• Dataset records:

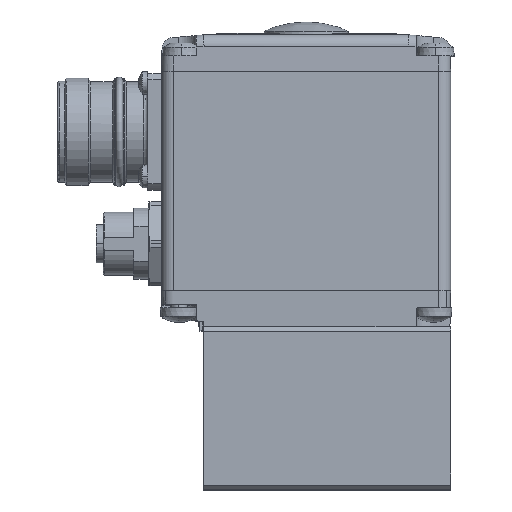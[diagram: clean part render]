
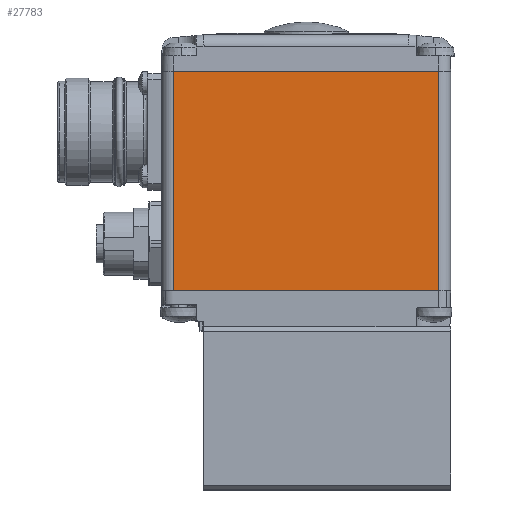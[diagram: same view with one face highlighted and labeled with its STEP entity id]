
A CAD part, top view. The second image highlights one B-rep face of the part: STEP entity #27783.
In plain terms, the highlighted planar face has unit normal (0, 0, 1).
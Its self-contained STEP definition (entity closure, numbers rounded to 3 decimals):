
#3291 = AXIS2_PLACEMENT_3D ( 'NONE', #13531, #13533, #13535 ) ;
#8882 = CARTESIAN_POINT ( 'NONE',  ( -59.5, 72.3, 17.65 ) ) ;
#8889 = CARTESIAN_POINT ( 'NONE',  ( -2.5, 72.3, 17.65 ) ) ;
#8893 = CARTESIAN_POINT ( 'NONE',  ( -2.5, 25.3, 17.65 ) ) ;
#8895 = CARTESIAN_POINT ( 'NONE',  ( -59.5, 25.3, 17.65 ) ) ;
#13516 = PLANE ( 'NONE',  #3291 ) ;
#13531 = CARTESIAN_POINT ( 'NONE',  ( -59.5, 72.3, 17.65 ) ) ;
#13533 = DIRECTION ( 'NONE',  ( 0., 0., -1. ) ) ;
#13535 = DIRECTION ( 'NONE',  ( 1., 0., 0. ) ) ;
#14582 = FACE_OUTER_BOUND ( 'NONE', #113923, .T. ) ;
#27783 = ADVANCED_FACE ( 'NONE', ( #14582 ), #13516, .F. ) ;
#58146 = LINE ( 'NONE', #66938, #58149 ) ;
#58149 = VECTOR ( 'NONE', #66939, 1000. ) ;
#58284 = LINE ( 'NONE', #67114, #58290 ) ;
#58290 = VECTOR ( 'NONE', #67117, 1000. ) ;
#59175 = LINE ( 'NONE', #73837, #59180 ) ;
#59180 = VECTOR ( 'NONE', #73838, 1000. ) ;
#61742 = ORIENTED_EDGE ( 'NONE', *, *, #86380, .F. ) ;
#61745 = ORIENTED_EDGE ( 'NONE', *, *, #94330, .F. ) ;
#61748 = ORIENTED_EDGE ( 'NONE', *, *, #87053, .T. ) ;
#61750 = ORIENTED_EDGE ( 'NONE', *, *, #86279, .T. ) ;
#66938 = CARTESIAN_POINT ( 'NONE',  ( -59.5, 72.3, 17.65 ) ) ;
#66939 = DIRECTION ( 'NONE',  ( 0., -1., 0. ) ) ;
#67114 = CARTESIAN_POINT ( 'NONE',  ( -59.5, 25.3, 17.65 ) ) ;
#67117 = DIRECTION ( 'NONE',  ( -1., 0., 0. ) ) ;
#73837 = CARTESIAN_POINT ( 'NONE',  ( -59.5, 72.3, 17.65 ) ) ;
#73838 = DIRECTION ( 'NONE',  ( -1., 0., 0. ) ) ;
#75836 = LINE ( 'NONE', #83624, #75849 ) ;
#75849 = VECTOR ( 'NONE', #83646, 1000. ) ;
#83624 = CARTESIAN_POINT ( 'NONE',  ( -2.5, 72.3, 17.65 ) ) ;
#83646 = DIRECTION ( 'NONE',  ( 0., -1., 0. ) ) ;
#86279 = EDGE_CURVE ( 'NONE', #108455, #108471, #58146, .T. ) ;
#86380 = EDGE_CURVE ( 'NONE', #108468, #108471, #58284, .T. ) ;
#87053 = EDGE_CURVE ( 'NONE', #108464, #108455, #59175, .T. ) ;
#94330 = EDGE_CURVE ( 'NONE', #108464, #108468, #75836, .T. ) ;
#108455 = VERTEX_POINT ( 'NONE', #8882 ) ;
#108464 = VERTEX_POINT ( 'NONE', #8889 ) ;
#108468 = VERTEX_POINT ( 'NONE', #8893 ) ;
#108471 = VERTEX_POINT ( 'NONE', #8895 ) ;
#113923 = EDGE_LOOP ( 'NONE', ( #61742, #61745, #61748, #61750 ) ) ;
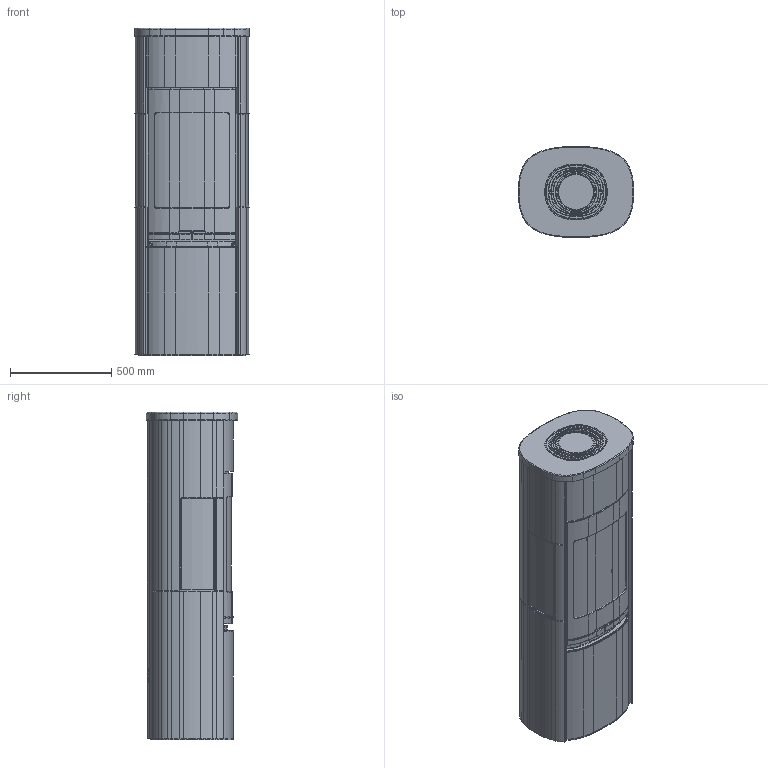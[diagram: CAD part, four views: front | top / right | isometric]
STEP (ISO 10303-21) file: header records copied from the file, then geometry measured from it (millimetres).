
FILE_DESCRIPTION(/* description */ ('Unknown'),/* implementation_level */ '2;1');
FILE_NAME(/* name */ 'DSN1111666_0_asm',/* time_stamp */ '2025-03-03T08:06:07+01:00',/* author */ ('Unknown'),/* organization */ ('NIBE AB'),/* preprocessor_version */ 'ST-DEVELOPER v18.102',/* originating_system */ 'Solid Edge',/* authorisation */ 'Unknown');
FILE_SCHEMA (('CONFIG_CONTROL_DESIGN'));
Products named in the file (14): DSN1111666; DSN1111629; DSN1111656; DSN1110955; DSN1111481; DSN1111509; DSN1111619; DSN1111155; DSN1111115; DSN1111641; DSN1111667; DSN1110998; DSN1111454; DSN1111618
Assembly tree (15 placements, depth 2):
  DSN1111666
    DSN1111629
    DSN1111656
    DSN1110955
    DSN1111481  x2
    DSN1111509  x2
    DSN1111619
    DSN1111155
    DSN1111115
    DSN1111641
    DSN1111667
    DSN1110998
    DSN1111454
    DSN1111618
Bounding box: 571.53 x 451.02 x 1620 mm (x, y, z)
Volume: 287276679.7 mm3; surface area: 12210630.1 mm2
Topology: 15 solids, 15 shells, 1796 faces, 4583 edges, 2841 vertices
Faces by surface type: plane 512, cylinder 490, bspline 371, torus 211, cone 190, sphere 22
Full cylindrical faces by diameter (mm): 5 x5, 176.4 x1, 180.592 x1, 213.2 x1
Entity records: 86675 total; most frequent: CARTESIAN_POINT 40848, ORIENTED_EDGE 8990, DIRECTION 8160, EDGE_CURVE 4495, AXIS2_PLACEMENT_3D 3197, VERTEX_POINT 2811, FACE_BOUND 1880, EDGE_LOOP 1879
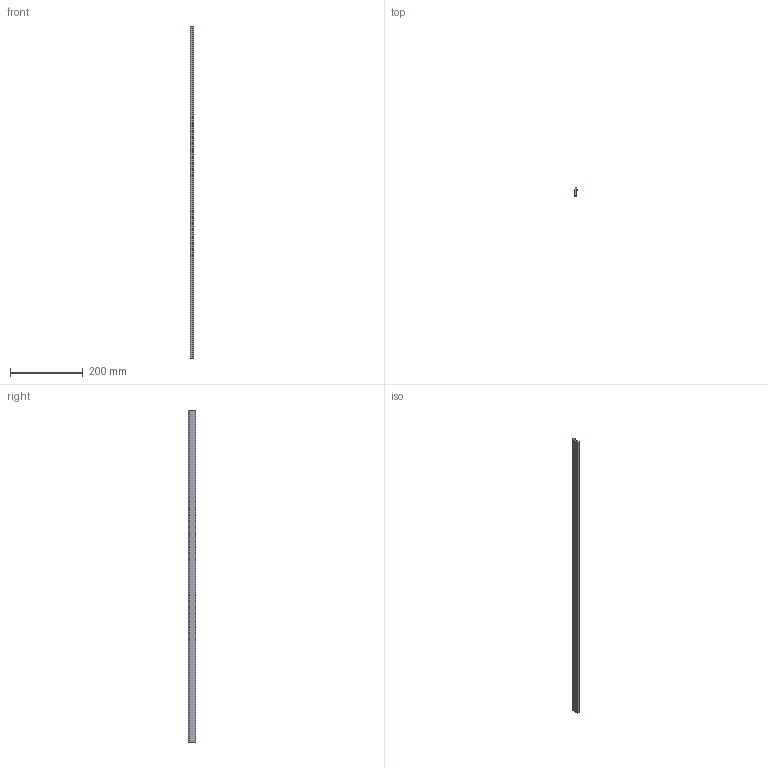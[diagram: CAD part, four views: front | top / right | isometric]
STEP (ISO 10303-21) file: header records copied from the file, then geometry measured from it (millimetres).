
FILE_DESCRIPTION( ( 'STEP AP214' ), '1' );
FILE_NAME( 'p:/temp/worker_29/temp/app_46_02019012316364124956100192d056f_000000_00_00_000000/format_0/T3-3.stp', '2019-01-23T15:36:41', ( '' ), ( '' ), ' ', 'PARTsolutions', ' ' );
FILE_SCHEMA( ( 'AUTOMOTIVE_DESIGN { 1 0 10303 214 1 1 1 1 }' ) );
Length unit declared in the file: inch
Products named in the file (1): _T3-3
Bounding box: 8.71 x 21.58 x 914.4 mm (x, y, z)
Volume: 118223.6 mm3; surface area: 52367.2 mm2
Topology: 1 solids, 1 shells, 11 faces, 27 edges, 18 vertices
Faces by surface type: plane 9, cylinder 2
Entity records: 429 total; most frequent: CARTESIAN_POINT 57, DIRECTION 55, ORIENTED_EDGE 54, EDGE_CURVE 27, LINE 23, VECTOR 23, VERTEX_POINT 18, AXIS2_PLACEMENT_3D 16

• Task instructions: No picture should be included when the data are set down again exactly.

• Task output:
[diagram: clean part render]
[diagram: same view with one face highlighted and labeled with its STEP entity id]
A CAD part, top view. The second image highlights one B-rep face of the part: STEP entity #27783.
In plain terms, the highlighted planar face has unit normal (0, 0, 1).
Its self-contained STEP definition (entity closure, numbers rounded to 3 decimals):
#3291 = AXIS2_PLACEMENT_3D ( 'NONE', #13531, #13533, #13535 ) ;
#8882 = CARTESIAN_POINT ( 'NONE',  ( -59.5, 72.3, 17.65 ) ) ;
#8889 = CARTESIAN_POINT ( 'NONE',  ( -2.5, 72.3, 17.65 ) ) ;
#8893 = CARTESIAN_POINT ( 'NONE',  ( -2.5, 25.3, 17.65 ) ) ;
#8895 = CARTESIAN_POINT ( 'NONE',  ( -59.5, 25.3, 17.65 ) ) ;
#13516 = PLANE ( 'NONE',  #3291 ) ;
#13531 = CARTESIAN_POINT ( 'NONE',  ( -59.5, 72.3, 17.65 ) ) ;
#13533 = DIRECTION ( 'NONE',  ( 0., 0., -1. ) ) ;
#13535 = DIRECTION ( 'NONE',  ( 1., 0., 0. ) ) ;
#14582 = FACE_OUTER_BOUND ( 'NONE', #113923, .T. ) ;
#27783 = ADVANCED_FACE ( 'NONE', ( #14582 ), #13516, .F. ) ;
#58146 = LINE ( 'NONE', #66938, #58149 ) ;
#58149 = VECTOR ( 'NONE', #66939, 1000. ) ;
#58284 = LINE ( 'NONE', #67114, #58290 ) ;
#58290 = VECTOR ( 'NONE', #67117, 1000. ) ;
#59175 = LINE ( 'NONE', #73837, #59180 ) ;
#59180 = VECTOR ( 'NONE', #73838, 1000. ) ;
#61742 = ORIENTED_EDGE ( 'NONE', *, *, #86380, .F. ) ;
#61745 = ORIENTED_EDGE ( 'NONE', *, *, #94330, .F. ) ;
#61748 = ORIENTED_EDGE ( 'NONE', *, *, #87053, .T. ) ;
#61750 = ORIENTED_EDGE ( 'NONE', *, *, #86279, .T. ) ;
#66938 = CARTESIAN_POINT ( 'NONE',  ( -59.5, 72.3, 17.65 ) ) ;
#66939 = DIRECTION ( 'NONE',  ( 0., -1., 0. ) ) ;
#67114 = CARTESIAN_POINT ( 'NONE',  ( -59.5, 25.3, 17.65 ) ) ;
#67117 = DIRECTION ( 'NONE',  ( -1., 0., 0. ) ) ;
#73837 = CARTESIAN_POINT ( 'NONE',  ( -59.5, 72.3, 17.65 ) ) ;
#73838 = DIRECTION ( 'NONE',  ( -1., 0., 0. ) ) ;
#75836 = LINE ( 'NONE', #83624, #75849 ) ;
#75849 = VECTOR ( 'NONE', #83646, 1000. ) ;
#83624 = CARTESIAN_POINT ( 'NONE',  ( -2.5, 72.3, 17.65 ) ) ;
#83646 = DIRECTION ( 'NONE',  ( 0., -1., 0. ) ) ;
#86279 = EDGE_CURVE ( 'NONE', #108455, #108471, #58146, .T. ) ;
#86380 = EDGE_CURVE ( 'NONE', #108468, #108471, #58284, .T. ) ;
#87053 = EDGE_CURVE ( 'NONE', #108464, #108455, #59175, .T. ) ;
#94330 = EDGE_CURVE ( 'NONE', #108464, #108468, #75836, .T. ) ;
#108455 = VERTEX_POINT ( 'NONE', #8882 ) ;
#108464 = VERTEX_POINT ( 'NONE', #8889 ) ;
#108468 = VERTEX_POINT ( 'NONE', #8893 ) ;
#108471 = VERTEX_POINT ( 'NONE', #8895 ) ;
#113923 = EDGE_LOOP ( 'NONE', ( #61742, #61745, #61748, #61750 ) ) ;
[diagram: CAD part, four views: front | top / right | isometric]
STEP (ISO 10303-21) file: header records copied from the file, then geometry measured from it (millimetres).
FILE_DESCRIPTION(/* description */ ('Unknown'),/* implementation_level */ '2;1');
FILE_NAME(/* name */ 'DSN1111666_0_asm',/* time_stamp */ '2025-03-03T08:06:07+01:00',/* author */ ('Unknown'),/* organization */ ('NIBE AB'),/* preprocessor_version */ 'ST-DEVELOPER v18.102',/* originating_system */ 'Solid Edge',/* authorisation */ 'Unknown');
FILE_SCHEMA (('CONFIG_CONTROL_DESIGN'));
Products named in the file (14): DSN1111666; DSN1111629; DSN1111656; DSN1110955; DSN1111481; DSN1111509; DSN1111619; DSN1111155; DSN1111115; DSN1111641; DSN1111667; DSN1110998; DSN1111454; DSN1111618
Assembly tree (15 placements, depth 2):
  DSN1111666
    DSN1111629
    DSN1111656
    DSN1110955
    DSN1111481  x2
    DSN1111509  x2
    DSN1111619
    DSN1111155
    DSN1111115
    DSN1111641
    DSN1111667
    DSN1110998
    DSN1111454
    DSN1111618
Bounding box: 571.53 x 451.02 x 1620 mm (x, y, z)
Volume: 287276679.7 mm3; surface area: 12210630.1 mm2
Topology: 15 solids, 15 shells, 1796 faces, 4583 edges, 2841 vertices
Faces by surface type: plane 512, cylinder 490, bspline 371, torus 211, cone 190, sphere 22
Full cylindrical faces by diameter (mm): 5 x5, 176.4 x1, 180.592 x1, 213.2 x1
Entity records: 86675 total; most frequent: CARTESIAN_POINT 40848, ORIENTED_EDGE 8990, DIRECTION 8160, EDGE_CURVE 4495, AXIS2_PLACEMENT_3D 3197, VERTEX_POINT 2811, FACE_BOUND 1880, EDGE_LOOP 1879
[diagram: CAD part, four views: front | top / right | isometric]
STEP (ISO 10303-21) file: header records copied from the file, then geometry measured from it (millimetres).
FILE_DESCRIPTION( ( 'STEP AP214' ), '1' );
FILE_NAME( 'p:/temp/worker_29/temp/app_46_02019012316364124956100192d056f_000000_00_00_000000/format_0/T3-3.stp', '2019-01-23T15:36:41', ( '' ), ( '' ), ' ', 'PARTsolutions', ' ' );
FILE_SCHEMA( ( 'AUTOMOTIVE_DESIGN { 1 0 10303 214 1 1 1 1 }' ) );
Length unit declared in the file: inch
Products named in the file (1): _T3-3
Bounding box: 8.71 x 21.58 x 914.4 mm (x, y, z)
Volume: 118223.6 mm3; surface area: 52367.2 mm2
Topology: 1 solids, 1 shells, 11 faces, 27 edges, 18 vertices
Faces by surface type: plane 9, cylinder 2
Entity records: 429 total; most frequent: CARTESIAN_POINT 57, DIRECTION 55, ORIENTED_EDGE 54, EDGE_CURVE 27, LINE 23, VECTOR 23, VERTEX_POINT 18, AXIS2_PLACEMENT_3D 16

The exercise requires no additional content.